> Assignment:
How many lines of the entries below contain the string "IfcFurniture"? State the number alone.

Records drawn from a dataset
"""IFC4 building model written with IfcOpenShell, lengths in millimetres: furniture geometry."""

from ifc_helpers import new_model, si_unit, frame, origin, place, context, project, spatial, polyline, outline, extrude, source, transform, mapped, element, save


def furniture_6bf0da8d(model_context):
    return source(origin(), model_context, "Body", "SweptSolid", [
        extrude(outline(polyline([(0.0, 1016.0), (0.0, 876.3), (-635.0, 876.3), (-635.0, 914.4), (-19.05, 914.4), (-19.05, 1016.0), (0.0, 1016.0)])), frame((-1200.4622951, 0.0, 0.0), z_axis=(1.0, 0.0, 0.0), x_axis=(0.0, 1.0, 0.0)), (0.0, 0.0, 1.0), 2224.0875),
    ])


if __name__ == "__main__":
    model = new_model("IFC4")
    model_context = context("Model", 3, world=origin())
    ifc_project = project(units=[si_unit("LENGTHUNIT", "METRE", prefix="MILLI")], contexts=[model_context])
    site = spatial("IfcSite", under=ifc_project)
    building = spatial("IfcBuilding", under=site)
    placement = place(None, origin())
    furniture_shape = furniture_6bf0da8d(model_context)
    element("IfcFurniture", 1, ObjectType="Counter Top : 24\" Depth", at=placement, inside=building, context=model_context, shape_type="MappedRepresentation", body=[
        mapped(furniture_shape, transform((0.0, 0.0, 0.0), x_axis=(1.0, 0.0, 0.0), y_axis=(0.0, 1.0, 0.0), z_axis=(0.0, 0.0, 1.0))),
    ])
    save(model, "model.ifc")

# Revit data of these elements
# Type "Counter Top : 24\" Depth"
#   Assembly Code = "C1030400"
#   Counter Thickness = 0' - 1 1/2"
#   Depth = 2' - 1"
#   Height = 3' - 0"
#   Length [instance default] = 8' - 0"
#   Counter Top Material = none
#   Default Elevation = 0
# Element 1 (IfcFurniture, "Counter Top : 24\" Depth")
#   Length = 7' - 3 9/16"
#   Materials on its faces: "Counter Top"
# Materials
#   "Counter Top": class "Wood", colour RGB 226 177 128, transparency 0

> Solution for this task:
2